# NEW HERE! Question on replacing both trucks on DCC locomotives



## gcollins2021 (Apr 22, 2021)

Hello everyone! I just signed up for the forums and I hope my question is in the appropriate location.

I just replaced both trucks on my DCC locomotive because of some failed wiring and I ran into a snag after putting the train back on the track. When I put the loco on the track and try and power the rail (test track), the command station says there is a short. Now being new to DCC and all and out of model railroading for at least 20 years I know it's probably something stupid I'm doing.

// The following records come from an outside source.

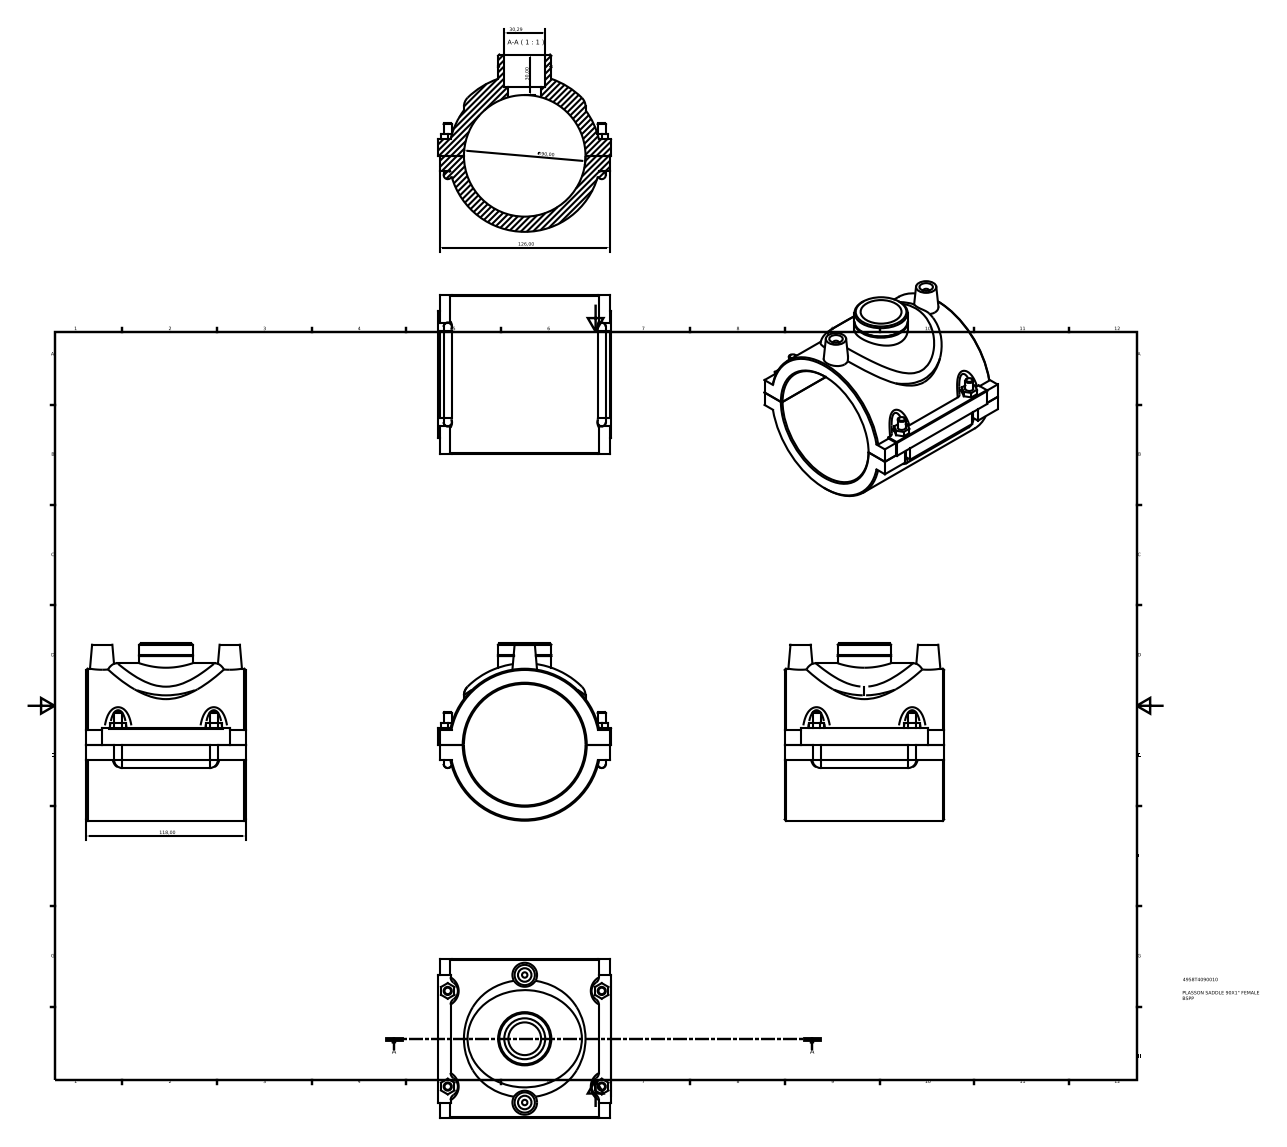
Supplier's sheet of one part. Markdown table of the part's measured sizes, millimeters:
| quantity | value |
| --- | --- |
| part name | 4958T4090010 |
| STEP written by | Autodesk Inventor 2015 (AUTOMOTIVE_DESIGN) |
| units | millimeters |
| bodies | 1 solid, 159 faces (86 planar, 39 cylindrical, 34 other) |
| overall size | 131.25 × 128 × 118 |
| volume | 496 920 mm³ |
| surface area | 105 746 mm² |
| round holes (diameter × count) | 10 × 2, 24.23 × 1, 30.29 × 1, 90 × 1 |
| round bosses / shafts (diameter × count) | 6 × 6, 4 × 2, 112.5 × 1, 39.38 × 1, 38.38 × 1 |
| partial cylindrical surfaces (radius × count) | 7.5 × 4, 0.5 × 1, 45 × 1, 60.3 × 1 |
| main face-to-face distances | 118, 1, 127, 11.2, 11.3, 23.5, 12.3, 12.2, 126, 128 |
| hole center spacings | 47.2, 94.4 |

First there were no instructions with the replacement trucks. I just put them in and plugged in the wire from the trucks into their proper plugs. I would think the decoder buddy plus would be properly configured so I never worried about the replacement. Bit as I said above, using both trucks and powering up I get a short indicator.

When I unplug one truck and try it again, it works just fine. I then switch the trucks and try it again and it works just fine. I'm thinking the wiring MUST be switched on one of the plugs because one truck is in what would be considered reverse polarity (I know there is no +/- rails) while the other is in the proper orientation. 

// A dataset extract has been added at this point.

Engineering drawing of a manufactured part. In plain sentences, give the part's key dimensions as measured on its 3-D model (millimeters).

So I guess my question is, do I swap the red/black wires on one truck at the decoder buddy board? And if so, which would? Front truck or back truck?

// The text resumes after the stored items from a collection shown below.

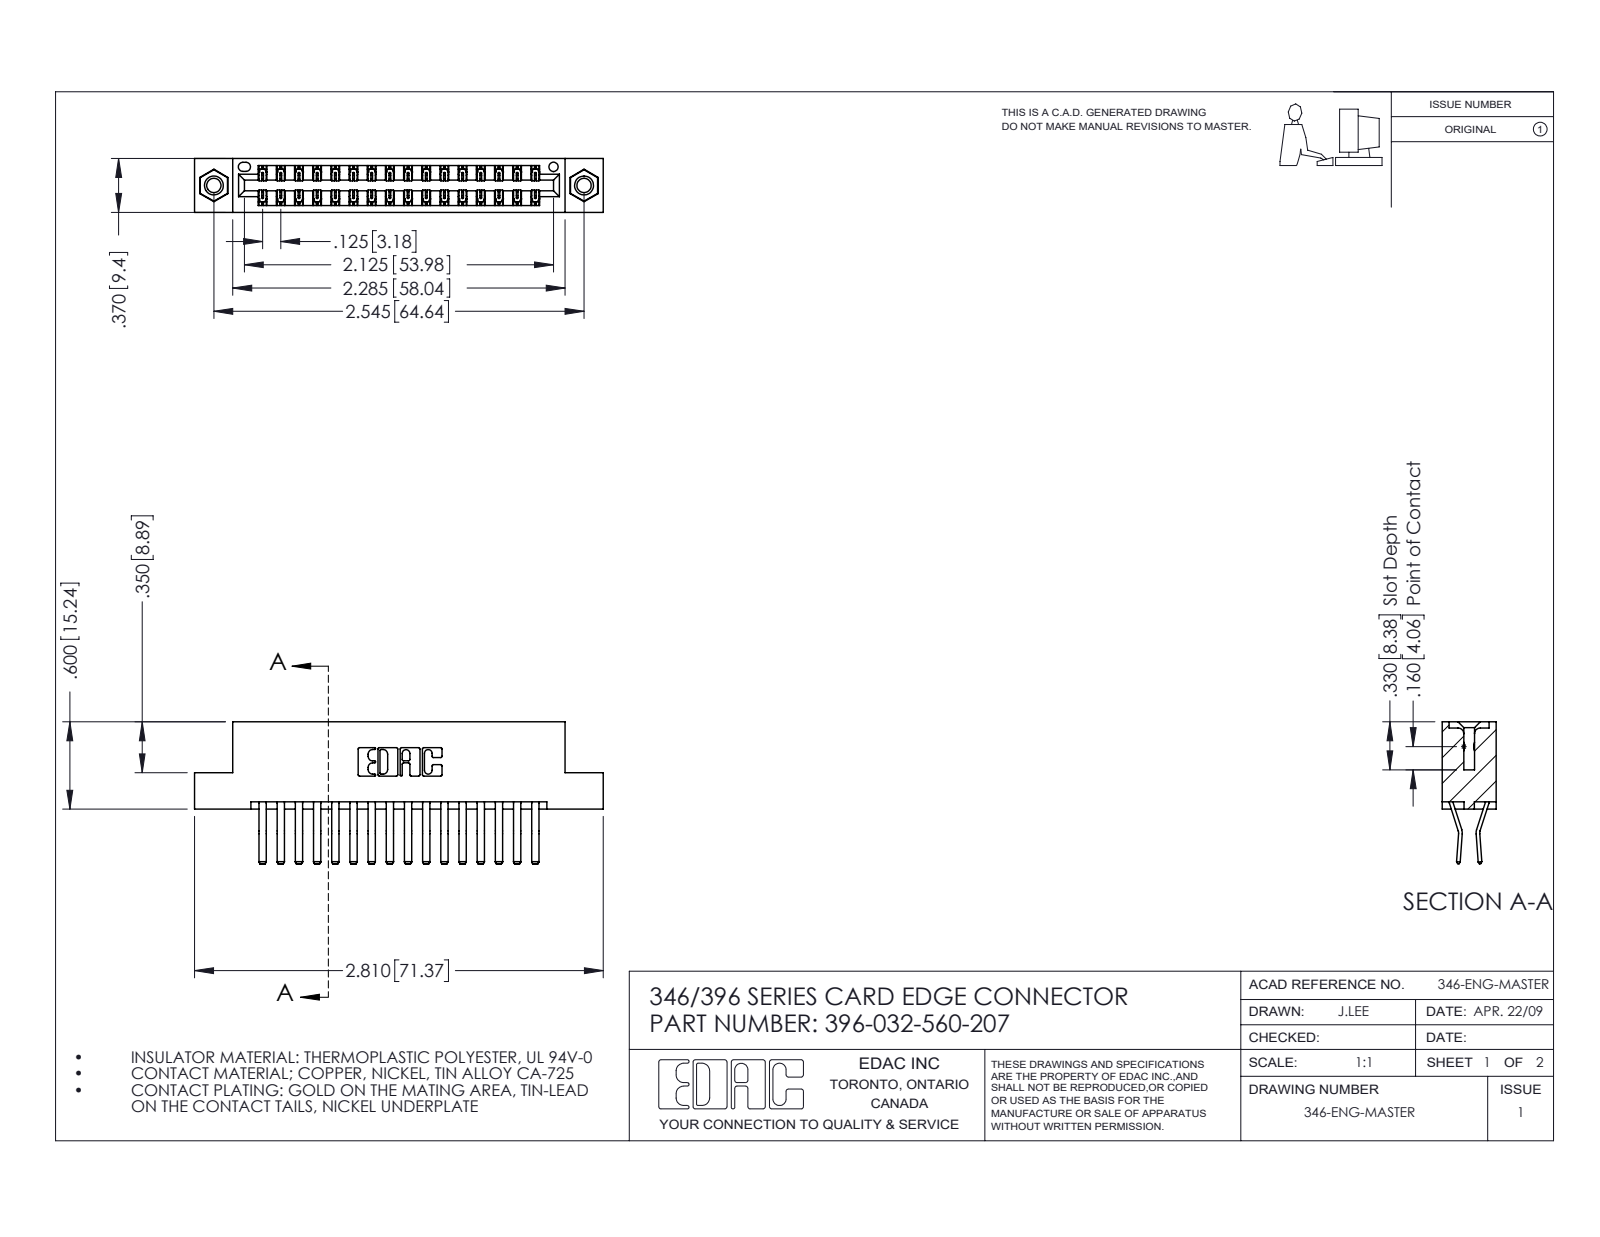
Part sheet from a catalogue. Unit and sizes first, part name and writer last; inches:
Units: inches
Overall size (bounding box): 2.81 × 0.975 × 0.37
Round holes (diameter × count): ⌀0.098 ×2, ⌀0.125 ×2, ⌀0.156 ×2, ⌀0.064 ×1
Round bosses / shafts (diameter × count): ⌀0.155 ×2
Partial cylindrical surfaces — rounded edges, fillets, slot ends (radius × count): R0.006 ×48, R0.01 ×22, R0.007 ×6, R0.031 ×6, R0.026 ×3, R0.01 ×2, R0.014 ×2, R0.022 ×2
Main face-to-face distances: 0.048, 0.322, 0.25, 0.37, 0.025, 0.072, 0.298, 0.275, 0.148, 0.222
Hole centre spacings: 0.246, 2.338, 2.545
Volume: 0.424 in³ · Surface area: 15.1 in²
Bodies: 35 solids, 1910 faces (1228 planar, 666 cylindrical, 16 other)
Part name (STEP PRODUCT): 396-032-560-207; 346 Part_Flush Mounting Lugs - 0.156 Dia-TI; 345-292-001_560 Tail; 345-250-001_345-250-005-103
STEP written by: SolidWorks 2016 (CONFIG_CONTROL_DESIGN)

If someone could give some tips, that would be great!

Thanks!

Glen


----------



## CTValleyRR (Jul 26, 2014)

Sounds like one of the trucks is installed backwards. Try just reversing one of them (don't change the orientation of the wires when you do).


----------



## gcollins2021 (Apr 22, 2021)

CTValleyRR said:


> Sounds like one of the trucks is installed backwards. Try just reversing one of them (don't change the orientation of the wires when you do).


Thanks for the reply. The trucks only go in one way since they have worm gears as part of the truck. I don't know if moving the front truck to the back and the back truck to the front would make a difference. I unfortunately don't have a continuity meter to test the connectivity and how they are at the plug going into the decoder. I just have to do right now and see what happens.


----------



## CTValleyRR (Jul 26, 2014)

No, it's a polarity issue: one of your trucks is providing left rail power to one pole of the motor, the other is providing right rail power to the same pole. Both trucks need to provide the same polarity of electricity to their end of the motor (or to the same input on the DCC decoder). Can you post a nice, clear, well-lit picture or two of the trucks and their wiring?


----------



## gcollins2021 (Apr 22, 2021)

CTValleyRR said:


> No, it's a polarity issue: one of your trucks is providing left rail power to one pole of the motor, the other is providing right rail power to the same pole. Both trucks need to provide the same polarity of electricity to their end of the motor (or to the same input on the DCC decoder). Can you post a nice, clear, well-lit picture or two of the trucks and their wiring?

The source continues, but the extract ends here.